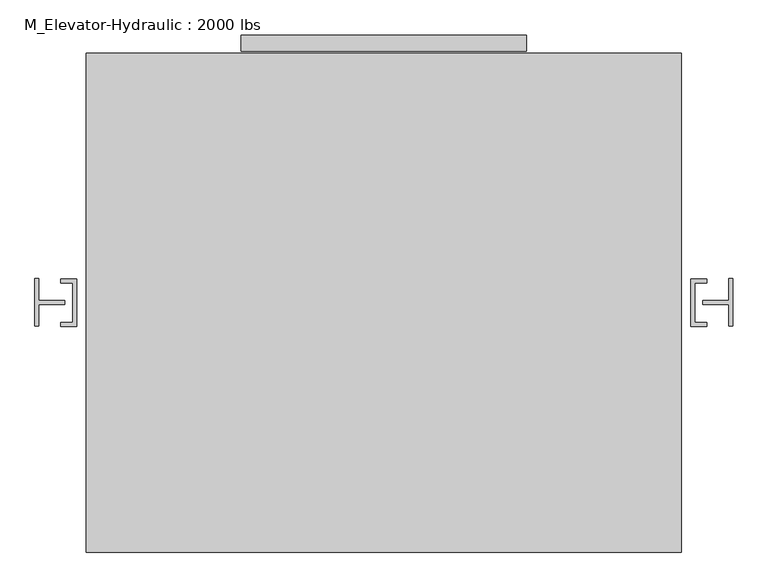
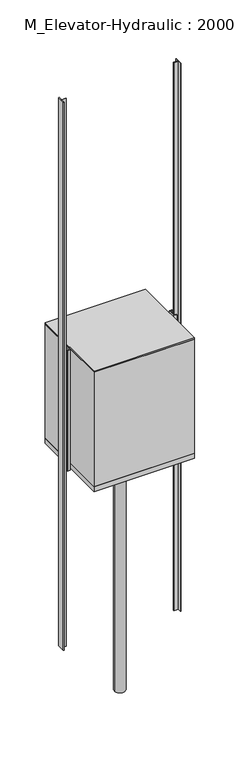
"""IFC4 building model written with IfcOpenShell, lengths in millimetres: proxy geometry, M_Elevator-Hydraulic : 2000 lbs."""

from ifc_helpers import new_model, si_unit, point, frame, frame_2d, origin, origin_with_axes, place, context, project, spatial, polyline, circle_curve, trimmed, segment, composite_curve, outline, extrude, faceted_brep, source, transform, mapped, element, save


def m_elevator_hydraulic_2000_lbs_6c85c9be(model_context):
    return source(origin(), model_context, "Body", "SolidModel", [
        faceted_brep([(-945.0530035, 797.2781737, 5943.6), (-945.0530035, -802.9218263, 5943.6), (959.9469965, -802.9218263, 5943.6), (959.9469965, 797.2781737, 5943.6), (921.8469965, -764.8218263, 5943.6), (-906.9530035, -764.8218263, 5943.6), (-906.9530035, 759.1781737, 5943.6), (921.8469965, 759.1781737, 5943.6), (-906.9530035, -764.8218263, 3657.6), (-449.7530035, -764.8218263, 3657.6), (464.6469965, -764.8218263, 3657.6), (921.8469965, -764.8218263, 3657.6), (921.8469965, 759.1781737, 3657.6), (464.6469965, 759.1781737, 3657.6), (464.6469965, 797.2781737, 3657.6), (959.9469965, 797.2781737, 3657.6), (959.9469965, -802.9218263, 3657.6), (-945.0530035, -802.9218263, 3657.6), (-945.0530035, 797.2781737, 3657.6), (-449.7530035, 797.2781737, 3657.6), (-449.7530035, 759.1781737, 3657.6), (-906.9530035, 759.1781737, 3657.6), (-449.7530035, 759.1781737, 5689.6), (464.6469965, 759.1781737, 5689.6), (464.6469965, 797.2781737, 5689.6), (-449.7530035, 797.2781737, 5689.6)], [[[0, 1, 2, 3], [4, 5, 6, 7]], [[8, 9, 10, 11, 12, 13, 14, 15, 16, 17, 18, 19, 20, 21]], [[7, 12, 11, 4]], [[6, 21, 20, 22, 23, 13, 12, 7]], [[5, 8, 21, 6]], [[4, 11, 10, 9, 8, 5]], [[3, 15, 14, 24, 25, 19, 18, 0]], [[2, 16, 15, 3]], [[1, 17, 16, 2]], [[0, 18, 17, 1]], [[23, 22, 25, 24]], [[22, 20, 19, 25]], [[24, 14, 13, 23]]]),
        extrude(outline(polyline([(464.6469965, 803.6281737), (-449.7530035, 803.6281737), (-449.7530035, 854.4281737), (464.6469965, 854.4281737), (464.6469965, 803.6281737)])), frame((0.0, 0.0, 3657.6), z_axis=(0.0, 0.0, 1.0), x_axis=(1.0, 0.0, 0.0)), (0.0, 0.0, 1.0), 2032.0),
        extrude(outline(polyline([(959.9469965, -802.9218263), (-945.0530035, -802.9218263), (-945.0530035, 797.2781737), (959.9469965, 797.2781737), (959.9469965, -802.9218263)])), frame((0.0, 0.0, 5943.6), z_axis=(0.0, 0.0, 1.0), x_axis=(1.0, 0.0, 0.0)), (0.0, 0.0, 1.0), 25.4),
        extrude(outline(composite_curve([segment(trimmed(circle_curve(frame_2d((7.4469965, -2.8218263)), 101.6), [point((-94.1530035, -2.8218263))], [point((109.0469965, -2.8218263))], False, "CARTESIAN"), True, "CONTINUOUS"), segment(trimmed(circle_curve(frame_2d((7.4469965, -2.8218263)), 101.6), [point((109.0469965, -2.8218263))], [point((-94.1530035, -2.8218263))], False, "CARTESIAN"), True, "CONTINUOUS")], self_intersect=False)), frame((0.0, 0.0, -1219.2), z_axis=(0.0, 0.0, 1.0), x_axis=(1.0, 0.0, 0.0)), (0.0, 0.0, 1.0), 4775.2),
        extrude(outline(polyline([(959.9469965, -802.9218263), (-945.0530035, -802.9218263), (-945.0530035, 797.2781737), (959.9469965, 797.2781737), (959.9469965, -802.9218263)])), frame((0.0, 0.0, 3556.0), z_axis=(0.0, 0.0, 1.0), x_axis=(1.0, 0.0, 0.0)), (0.0, 0.0, 1.0), 101.6),
        extrude(outline(polyline([(-976.8030035, -79.0218263), (-1027.6030035, -79.0218263), (-1027.6030035, -66.3218263), (-989.5030035, -66.3218263), (-989.5030035, 60.6781737), (-1027.6030035, 60.6781737), (-1027.6030035, 73.3781737), (-976.8030035, 73.3781737), (-976.8030035, -79.0218263)])), frame((0.0, 0.0, 3556.0), z_axis=(0.0, 0.0, 1.0), x_axis=(1.0, 0.0, 0.0)), (0.0, 0.0, 1.0), 2413.0),
        extrude(outline(polyline([(991.6969965, -79.0218263), (991.6969965, 73.3781737), (1042.4969965, 73.3781737), (1042.4969965, 60.6781737), (1004.3969965, 60.6781737), (1004.3969965, -66.3218263), (1042.4969965, -66.3218263), (1042.4969965, -79.0218263), (991.6969965, -79.0218263)])), frame((0.0, 0.0, 3556.0), z_axis=(0.0, 0.0, 1.0), x_axis=(1.0, 0.0, 0.0)), (0.0, 0.0, 1.0), 2413.0),
        extrude(outline(polyline([(-1097.4530035, -79.0218263), (-1110.1530035, -79.0218263), (-1110.1530035, 73.3781737), (-1097.4530035, 73.3781737), (-1097.4530035, 3.5281737), (-1014.9030035, 3.5281737), (-1014.9030035, -9.1718263), (-1097.4530035, -9.1718263), (-1097.4530035, -79.0218263)])), origin_with_axes(), (0.0, 0.0, 1.0), 10972.8),
        extrude(outline(polyline([(1112.3469965, -79.0218263), (1112.3469965, -9.1718263), (1029.7969965, -9.1718263), (1029.7969965, 3.5281737), (1112.3469965, 3.5281737), (1112.3469965, 73.3781737), (1125.0469965, 73.3781737), (1125.0469965, -79.0218263), (1112.3469965, -79.0218263)])), origin_with_axes(), (0.0, 0.0, 1.0), 10972.8),
    ])


if __name__ == "__main__":
    model = new_model("IFC4")
    model_context = context("Model", 3, world=origin())
    ifc_project = project(units=[si_unit("LENGTHUNIT", "METRE", prefix="MILLI")], contexts=[model_context])
    site = spatial("IfcSite", under=ifc_project)
    building = spatial("IfcBuilding", under=site)
    placement = place(None, origin())
    m_elevator_hydraulic_2000_lbs_shape = m_elevator_hydraulic_2000_lbs_6c85c9be(model_context)
    element("IfcBuildingElementProxy", 1, Name="M_Elevator-Hydraulic : 2000 lbs", ObjectType="M_Elevator-Hydraulic : 2000 lbs", at=placement, inside=building, context=model_context, shape_type="MappedRepresentation", body=[
        mapped(m_elevator_hydraulic_2000_lbs_shape, transform((0.0, 0.0, 0.0), x_axis=(1.0, 0.0, 0.0), y_axis=(0.0, 1.0, 0.0), z_axis=(0.0, 0.0, 1.0))),
    ])
    save(model, "model.ifc")

····················

→ Work to be completed:
Each line above that has the word "save" must be copied.

→ Answer box:
from ifc_helpers import new_model, si_unit, point, frame, frame_2d, origin, origin_with_axes, place, context, project, spatial, polyline, circle_curve, trimmed, segment, composite_curve, outline, extrude, faceted_brep, source, transform, mapped, element, save
    save(model, "model.ifc")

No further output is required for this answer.